One such example is a gene that is interrupted by an isopositioned transposon (ISH1) in both strains of Hbt. salinarum (the transposon sequences themselves differ slightly). In strain R1, the ancestral gene (OE_1059R) has been reconstructed, the ISH element being inserted close to codon 102. The reconstructed protein sequence shows 68% identity to HALDL1_00590 from Halobacterium sp. DL1 and also 68% identity to HFX_4100 from Hfx. mediterranei. In strain NRC-1, only the C-terminal region is annotated (VNG0034H), starting with internal Met-145.

The representation of such inactivated genes in public databases depends on the way they are annotated. Labelling of such a gene as “inactivated” seems biologically correct. This is translated to the CDS qualifier /pseudo in EMBL and securely ensures that the protein translation is present in UniProt (e.g., searching for OE_1059R results in no hit). When, however, an invalid partial translation product is produced but not tagged as disrupted (as is the case for VNG0034H), then this is considered by EMBL as a “regular” gene (CDS). Such a gene fragment is included as a regular protein in UniProt (VNG0034H is Q9HSX6). Upon superficial analysis, this may be taken as evidence for an “improved” (because less incomplete) genome annotation in strain NRC-1 compared to strain R1. In addition, according to EMBL requirements, the “CDS” coordinates of OE_1059R must be given as 29913-31570, thus covering and including the integrated transposon ISH1 (with its transposase gene). Only a “tolerated” misc_feature annotation allows representation of this disrupted gene in a biologically meaningful way, representing the reconstructed ancestral gene.

4. Conclusions

We describe an effort for a high-quality annotation of a set of haloarchaeal genomes. Among those are two reference organisms, Hbt. salinarum (represented by strain R1) and Hfx. volcanii. The annotation of Hbt. salinarum strain NRC-1 [45], the classical genome of halophilic archaea, is covered by our approach as nearly all its genes are represented in strain R1 with an identical protein sequence (once start codon misassignments are corrected). Hfx. volcanii, one of the reference organisms for archaea [46] is intensely studied by many laboratories from the haloarchaeal community, which is in part due to the extremely well developed genetic system available for this organism.
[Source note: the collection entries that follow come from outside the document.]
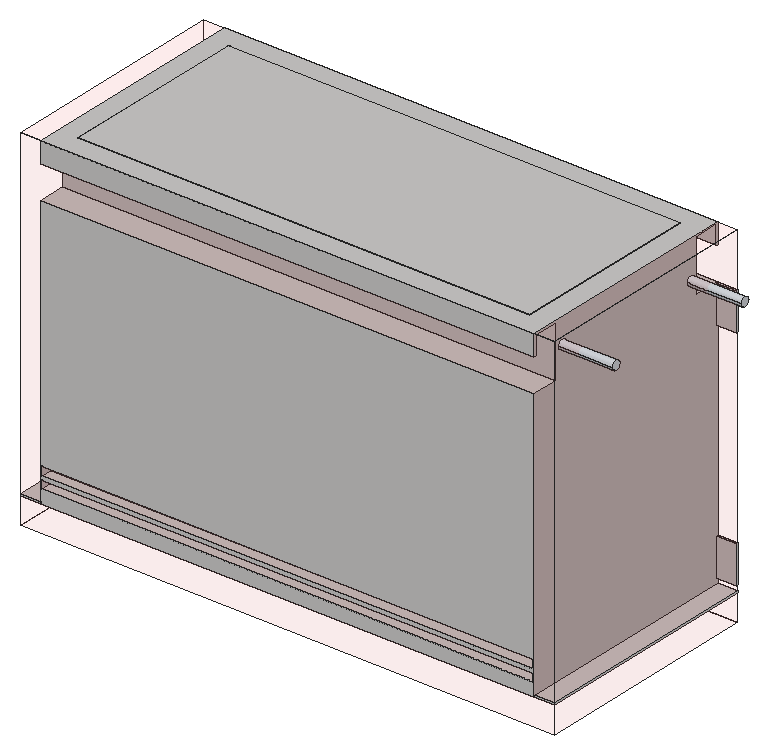
Revit family "Air-Curtain_Climate-Control_PoweredAire_THS", category Mechanical Equipment, host Face, Revit 2024
Family settings
  Host = Face
  Round Connector Dimension = Use Diameter
  Part Type = Normal
  OmniClass Number = 23.75.35.17.21
  OmniClass Title = Air Curtains
  Cut with Voids When Loaded = No
  Maintain Annotation Orientation = No
  Shared = No
  Room Calculation Point = No
Parameters
  upperrotation [instance] = if(Upper Pipe Connection Side A, 0.00°, 180.00°)  # 0.00°
  lowerrotation [instance] = if(Lower Pipe Connection Side A, 0.00°, 180.00°)  # 0.00°
  locateupperpipe [instance] = if(Upper Pipe Connection Side A, 0' 0", Nozzle Width)  # 0' - 0"
  locatelowerpipe [instance] = if(Lower Pipe Connection Side A, 0' 0", Nozzle Width)  # 0' - 0"
  Warranty Duration (Years) = 0
  Upper Pipe Connection Side A [instance] = yes
  Unit Width Notes = "Other Widths available."  # constant formula
  Unit Width = 3' - 3"
  Unit Weight = 0
  Unit Height = 1' - 4 3/4"
  Unit Depth [instance] = if(Include Filters, 2' 1 7/8", 1' 11 3/4")  # 1' - 11 3/4"
  URL = "http://www.poweredaire.com/"
  Test Data = ""
  Temperature Rise_Range = "as Specified"
  Standards Conformance = "as Specified"
  Specification = "http://www.arcat.com/sdspecs/htm04/23_34_33pai.htm"
  SpecWizard = ""
  Sound Pressure = "as Specified"
  Sales Information = "http://www.poweredaire.com/contact_us"
  Revision = "R1_2016-08"
  Projection from Host [instance] = 0' - 2"
  Product Properties = ""
  Product Data = "http://www.arcat.com/arcatcos/cos47/arc47623.html"
  Power Rating = 0 W
  Piping_Water Flow [instance] = 0 GPM
  Piping_Operating Pressure [instance] = 0.00 psi
  Piping_Exit Temperature [instance] = 0 °F
  Piping_Entry Temperature [instance] = 0 °F
  Pipe OD [instance] = 5/8"
  Outlet Volume_Range = "as Specified"
  Outlet Velocity_Range = "as Specified"
  Nozzle Width = if(1 = 1, Unit Width - 0' 3", 0' 0")  # 3' - 0"
  Mounting Width = if(1 = 1, Unit Width - 0' 1 1/2", 0' 0")  # 3' - 1 1/2"
  Mounting Height [instance] = 3' - 6"
  Motor RPM = 0
  Motor HP = 0
  Motor Count = 0
  Model = "As Specified"
  Max Height = 0' - 0"
  Manufacturer Website = "http://www.poweredaire.com/"
  Manufacturer Phone - Toll Free = "888-321-2473"
  Manufacturer Phone = "724-588-3305"
  Manufacturer Fax = "724-588-3371"
  Manufacturer Address = "109 Mortensen Rd.  Greenville, PA 16125"
  Manufacturer = "Powered Aire, Inc"
  Maintenance Schedule (Months) = 0
  Lower Pipe Connection Side A [instance] = yes
  Keynote = "23 34 33"
  Installation-Fabrication = ""
  Installation Phase = ""
  Include Filters [instance] = no
  Include Clearance [instance] = yes
  Heating Element Load = 0 W
  HVAC_Temperature Rise [instance] = 0 °F
  HVAC_Outlet Volume [instance] = 0 CFM
  HVAC_Outlet Velocity Uniformity = 0
  HVAC_Outlet Velocity [instance] = 0 FPM
  HVAC_BTU Input = 0.0 Btu/h
  Green Building-LEED = "http://www.arcat.com/green/clients/leed_data_47623.html"
  Front Grating Material [instance] = Metal - Steel - PoweredAire - Stainless 304 Perforated
  Frame Finish [instance] = Metal - Steel - PoweredAire - Stainless 304
  Expected Lifespan (Years) = 0
  Electrical_Wattage [instance] = Power Rating + Heating Element Load  # 0 W
  Electrical_Voltage [instance] = 0 V
  Electrical_Phase [instance] = 1
  Electrical_Frequency [instance] = 0 Hz
  Electrical_Amperage [instance] = 0 A
  Drawn By = "Sumex Design, Inc. / Robert S. Weygant, CSI, CDT, SCIP"
  Description = "Powered Aire Air Curtain as Specified"
  Default Elevation = 0' - 0"  # constant formula
  Copyright = "©Arcat Inc."
  Construction Details = "http://www.arcat.com/details/powair/prod3336.html"
  Clearance_Top [instance] = 0' - 0"
  Clearance_Side B [instance] = 0' - 0"
  Clearance_Side A [instance] = 0' - 0"
  Clearance_Intake [instance] = 0' - 0"
  Clearance_Bottom [instance] = 0' - 0"
  Clearance Material [instance] = ARCAT Clearance
  Building Codes = ""
  Available Options [instance] = "as Specified"
  Assembly Code = "D3090400"
Reference planes (in)
  plane 1 "Center (Elevation)": y = 0.13818
  plane 2: z = 0
  plane 3 "Center (Left/Right)": x = 0
  plane 4: y = 8.51318
  plane 5: y = -8.23682
  plane 6: x = -19.5
  plane 7: x = 19.5
  plane 8: z = 25.75
  plane 9 "FF": y = -41.86182
  plane 10: z = 2
  plane 11: x = 18
  plane 12: x = -18
  plane 13: y = 8.51318
  plane 14: y = -8.23682
  plane 15: x = -19.5
  plane 16: x = 19.5
  plane 17: z = 25.75
  plane 18: x = 17.9375
  plane 19: x = -17.9375
  plane 20: x = 18
  plane 21: x = 18
  plane 22: y = 6.01318
  plane 23: y = -5.73682
Forms (in)
  Extrusion 1, solid, material "Metal - Steel - PoweredAire - Stainless 304" <- "Frame Finish"
    sketch origin (0, 0, 0) x (0, 1, 0) y (0, 0, 1)
      loop
        line (-8.23682, 2) -> (8.51318, 2) -> (8.51318, 21.8125) -> (6.51318, 21.8125) -> (6.51318, 25.625) -> (8.38818, 25.625) -> (8.38818, 24.25) -> (8.51318, 24.25) -> (8.51318, 25.75) -> (-8.23682, 25.75) -> (-8.23682, 24.25) -> (-8.11182, 24.25) -> (-8.11182, 25.625) -> (-6.23682, 25.625) -> (-6.23682, 21.8125) -> (-8.23682, 21.8125) -> (-8.23682, 2)
    from -18 to 18
  Extrusion 2, solid, material "ARCAT Clearance" <- "Clearance Material", visible <- "Include Clearance"
    sketch origin (0, 0, 0) x (0, 1, 0) y (0, 0, 1)
      loop
        line (-8.23682, 25.75) -> (-8.23682, 0) -> (8.51318, 0) -> (8.51318, 25.75) -> (-8.23682, 25.75)
    from -19.5 to 19.5
  Extrusion 3, solid, material "Metal - Steel - PoweredAire - Stainless 304" <- "Frame Finish"
    sketch origin (-15.17702, -180, 2) x (-1, 0, 0) y (0, -1, 0)
      loop
        line (-33.17702, -188.51318) -> (-33.17702, -171.76318) -> (-34.67702, -171.76318) -> (-34.67702, -188.51318) -> (-33.17702, -188.51318)
      loop
        line (2.82298, -188.51318) -> (4.32298, -188.51318) -> (4.32298, -171.76318) -> (2.82298, -171.76318) -> (2.82298, -188.51318)
    from 0 to 0.125
  Extrusion 4, solid, material "Metal - Steel - PoweredAire - Stainless 304" <- "Frame Finish"
    sketch origin (-11.83813, 8.51318, 48) x (-1, 0, 0) y (0, 0, 1)
      loop
        line (-29.83813, -45.5) -> (-29.83813, -42.75) -> (-31.33813, -42.75) -> (-31.33813, -45.5) -> (-29.83813, -45.5)
      loop
        line (-29.83813, -28.9375) -> (-29.83813, -26.1875) -> (-31.33813, -26.1875) -> (-31.33813, -28.9375) -> (-29.83813, -28.9375)
      loop
        line (6.16187, -45.5) -> (7.66187, -45.5) -> (7.66187, -42.75) -> (6.16187, -42.75) -> (6.16187, -45.5)
      loop
        line (6.16187, -28.9375) -> (7.66187, -28.9375) -> (7.66187, -26.1875) -> (6.16187, -26.1875) -> (6.16187, -28.9375)
    from 0 to -0.125
  Extrusion 5, void
    sketch origin (0, 0, 0) x (0, 1, 0) y (0, 0, 1)
      loop
        line (-8.23682, 3) -> (-7.23682, 3) -> (-7.23682, 4.5) -> (-8.23682, 4.5) -> (-8.23682, 3.82425) -> (-7.38364, 3.82425) -> (-7.38364, 3.57425) -> (-8.23682, 3.57425) -> (-8.23682, 3)
    from -17.9375 to 17.9375
  Extrusion 6, solid, material "Metal - Steel - PoweredAire - Stainless 304 Perforated" <- "Front Grating Material"
    sketch origin (0, -8.23682, 25.75) x (0, 1, 0) y (-1, 0, 0)
      loop
        line (15.25, 16.5) -> (1.5, 16.5) -> (1.5, -16.5) -> (15.25, -16.5) -> (15.25, 16.5)
    from 0 to 0.03125
  Sweep 7, solid
    path origin (18, 6.01318, 0) x (1, 0, 0) y (0, 1, 0)
      loop
        line (0, 0) -> (4, 0)
    profile origin (20, 6.01318, 0) x (0, 1, 0) y (0, 0, 1)
      loop
        circle (0, 23) r 0.3125
  Sweep 8, solid
    path origin (18, -5.73682, 0) x (1, 0, 0) y (0, 1, 0)
      loop
        line (0, 0) -> (4, 0)
    profile origin (20, -5.73682, 0) x (0, 1, 0) y (0, 0, 1)
      loop
        circle (0, 24) r 0.3125
Cuts and joins
  Extrusion 5 cuts Extrusion 1
Lines and regions (in)
  reference lines
    curve 1: line (18, 6.01318, 0) -> (22.75, 6.01318, 0)
    curve 2: line (18, -5.73682, 0) -> (23.75, -5.73682, 0)
Dimensions and locks (in)
  equal spacing: plane 4, plane 1 "Center (Elevation)", plane 5
  "Unit Height": plane 4 to plane 5
  equal spacing: plane 6, plane 3 "Center (Left/Right)", plane 7
  "Unit Width": plane 6 to plane 7
  "Mounting Height": plane 1 "Center (Elevation)" to plane 9 "FF"
  "Projection from Host": plane 10 to level
  "Unit Depth": plane 8 to plane 10
  locked: plane 6 to plane 12 at 1.5
  locked: plane 11 to plane 7 at 1.5
  "Clearance_Side A": plane 7 to plane 16
  "Clearance_Side B": plane 15 to plane 6
  "Clearance_Top": plane 13 to plane 4
  "Clearance_Bottom": plane 5 to plane 14
  "Clearance_Intake": plane 17 to plane 8
  plane 5 to Extrusion 1 sketch curve to Extrusion 1 sketch curve = 0' - 0 1/8" locked, 0' - 1 7/8" locked
  Extrusion 1 sketch curve to Extrusion 1 sketch curve to plane 4 = 0' - 1 7/8" locked, 0' - 0 1/8" locked
  Extrusion 4 sketch curve to Extrusion 4 sketch curve to Extrusion 4 sketch curve to Extrusion 4 sketch curve to plane 10 = 0' - 2 3/4" locked, 1' - 1 13/16" locked, 0' - 2 3/4" locked, 0' - 0 1/2" locked
  Extrusion 4 sketch curve to Extrusion 4 sketch curve to Extrusion 4 sketch curve to Extrusion 4 sketch curve = 0' - 2 3/4" locked, 1' - 1 13/16" locked, 0' - 2 3/4" locked
  locked: Extrusion 4 sketch curve to plane 10 at 0.5
  plane 8 to Extrusion 1 sketch curve to Extrusion 1 sketch curve = 0' - 0 1/8" locked, 0' - 1 3/8" locked  (x2)
  locked: Extrusion 1 sketch curve to plane 10 at 19.8125  (x2)
  Extrusion 5 sketch curve to Extrusion 5 sketch curve to Extrusion 5 sketch curve to Extrusion 5 sketch curve to plane 10 = 0' - 0.67575" locked, 0' - 0 1/4" locked, 0' - 0.57425" locked, 0' - 1" locked
  plane 5 to Extrusion 5 sketch curve to Extrusion 5 sketch curve = 0' - 0.85319" locked, 0' - 0.14681" locked
  locked: plane 19 to plane 12 at 0.0625
  locked: plane 11 to plane 18 at 0.0625
  locked: plane 4 to Extrusion 6 sketch curve at 1.5
  locked: Extrusion 6 sketch curve to plane 5 at 1.5
  locked: Extrusion 6 sketch curve to plane 11 at 1.5
  locked: plane 12 to Extrusion 6 sketch curve at 1.5
  "locateupperpipe": plane 20 to plane 11
  "locatelowerpipe": plane 21 to plane 11
  locked: plane 4 to plane 22 at 2.5
  locked: plane 23 to plane 5 at 2.5
  locked: curve 1 to Sweep 7 sketch curve at 4
  locked: curve 1 to Sweep 7 sketch curve
  locked: Sweep 7 sketch curve to plane 10 at 21
  locked: curve 2 to Sweep 8 sketch curve at 4
  locked: curve 2 to Sweep 8 sketch curve
  locked: Sweep 8 sketch curve to plane 10 at 22
  "upperrotation": angle plane 22 to curve 1
  "lowerrotation": angle plane 23 to curve 2
  aligned and locked: plane 2 to host face
  aligned and locked: level to host face
  aligned and locked: Extrusion 2 sketch curve to plane 17
  aligned and locked: plane 14 to Extrusion 2 sketch curve
  aligned and locked: level to Extrusion 2 sketch curve
  aligned and locked: Extrusion 2 sketch curve to plane 13
  aligned and locked: plane 16 to Extrusion 2
  aligned and locked: Extrusion 2 to plane 15
  aligned and locked: plane 11 to Extrusion 1
  aligned and locked: Extrusion 1 to plane 12
  aligned and locked: plane 21 to curve 2
  aligned and locked: plane 23 to curve 2
  aligned and locked: plane 22 to curve 1
  aligned and locked: plane 20 to curve 1
Automatic sketch dimensions
  host sketch curve to host sketch curve = 8' - 0"  (x2)
  Extrusion 1 sketch curve to plane 5 = 0' - 0"  (x2)
  Extrusion 1 sketch curve to plane 4 = 0' - 0"  (x2)
  Extrusion 1 sketch curve to plane 10 = 0' - 0"
  Extrusion 1 sketch curve to plane 8 = 0' - 0"
  plane 4 to Extrusion 3 sketch curve = 0' - 0"
  Extrusion 3 sketch curve to plane 7 = 0' - 0"
  plane 5 to Extrusion 3 sketch curve = 0' - 0"
  Extrusion 3 sketch curve to plane 11 = 0' - 0"
  Extrusion 3 sketch curve to plane 4 = 0' - 0"
  Extrusion 3 sketch curve to plane 12 = 0' - 0"
  Extrusion 3 sketch curve to plane 6 = 0' - 0"
  Extrusion 3 sketch curve to plane 5 = 0' - 0"
  Extrusion 4 sketch curve to plane 7 = 0' - 0"  (x2)
  Extrusion 4 sketch curve to plane 11 = 0' - 0"  (x2)
  Extrusion 4 sketch curve to plane 12 = 0' - 0"  (x2)
  Extrusion 4 sketch curve to plane 6 = 0' - 0"  (x2)
  Extrusion 5 sketch curve to plane 5 = 0' - 0"  (x2)
  Sweep 7 sketch curve to profile plane = 0' - 0"
  Sweep 8 sketch curve to profile plane = 0' - 0"
  radius of Sweep 7 sketch curve = 0' - 0 5/16"
  radius of Sweep 8 sketch curve = 0' - 0 5/16"
Connectors (in)
  piping at (22, 6.01318, 23), diameter 0.625, driven by "Pipe OD", driven by "Piping_Water Flow"
    settings: on Sweep 7, index 1, connector inside diameter 24", connector length 0' - 0", flow factor 0, pipe flow 0 GPM, pressure drop 0.00 psi, fitting loss kfactor 0, connector angle 0.00°, fixture units 0, engagement length 0' - 0", angle of deflection 0.00°, flow configuration 0, flow direction 0, fitting loss method 0, system type 29, joint type 0, gender type 0, connector reference index -1, connector utility 0, adjustable connector no, is connector primary yes, connector description "Define Supply or Return and Location"
  piping at (22, -5.73682, 24), diameter 0.625, driven by "Pipe OD", driven by "Piping_Water Flow"
    settings: on Sweep 8, index 2, connector inside diameter 24", connector length 0' - 0", flow factor 0, pipe flow 0 GPM, pressure drop 0.00 psi, fitting loss kfactor 0, connector angle 0.00°, fixture units 0, engagement length 0' - 0", angle of deflection 0.00°, flow configuration 0, flow direction 0, fitting loss method 0, system type 29, joint type 0, gender type 0, connector reference index -1, connector utility 0, adjustable connector no, is connector primary no, connector description "Define Supply or Return and Location"
  electrical at (-18, 0.13818, 21.39062), driven by "Electrical_Voltage", driven by "Electrical_Phase"
    settings: on cut or joined group of Extrusion 1, Extrusion 5, index 3, voltage 0 V, apparent load 0 VA, apparent load phase1 0 VA, apparent load phase2 0 VA, apparent load phase3 0 VA, power factor 1, load classification "Motor", number of poles 1, system type 31, power factor state 1, is connector primary yes, connector utility no, sub classification motor no, connector description ""

Key to our annotation concept is the restriction to Gold Standard Proteins as the only valid data source for homology-based annotation. Not only have we retrieved this information from public databases, especially UniProt/SwissProt, but we also have contributed to the improvement of that database by supplying a substantial amount of feedback. Improved database retrieval mechanisms that directly highlight Gold Standard Proteins would largely facilitate to adopt our annotation strategy. We hope that our improved annotation will also be transferred to other haloarchaeal genomes, including the large number of haloarchaeal genomes that have been recently reported [47], or to other high-level datasets like arCOG [11,12].

Advanced bioinformatic methods have a tremendous potential to advance biological knowledge (see e.g., [35]). Preferably, bioinformatic predictions should be backed up by experimental analyses, as has been done for archaeosortase [48,49]. Efficient large-scale screening techniques, such as the transposon insertion mutant library recently developed for Hfx. volcanii are also promising to advance our knowledge [50]. Nevertheless, sound biochemical analysis remains important in the process of fundamental discovery. Using this approach, the long sought-after oxidative pentose phosphate pathway has finally been identified in archaea by analyses with the model organism Haloferax volcanii [51].

It is evident that a single small annotation team cannot ensure a perfect annotation. We welcome feedback to this publication, such as reporting persistent omissions and errors in annotations, which will allow us to further improve the annotation of this set of haloarchaeal genomes. If it were possible to transfer our improved annotation to other haloarchaeal genomes, this may boost the quality of haloarchaeal genome annotation in general, to the benefit of the scientific community.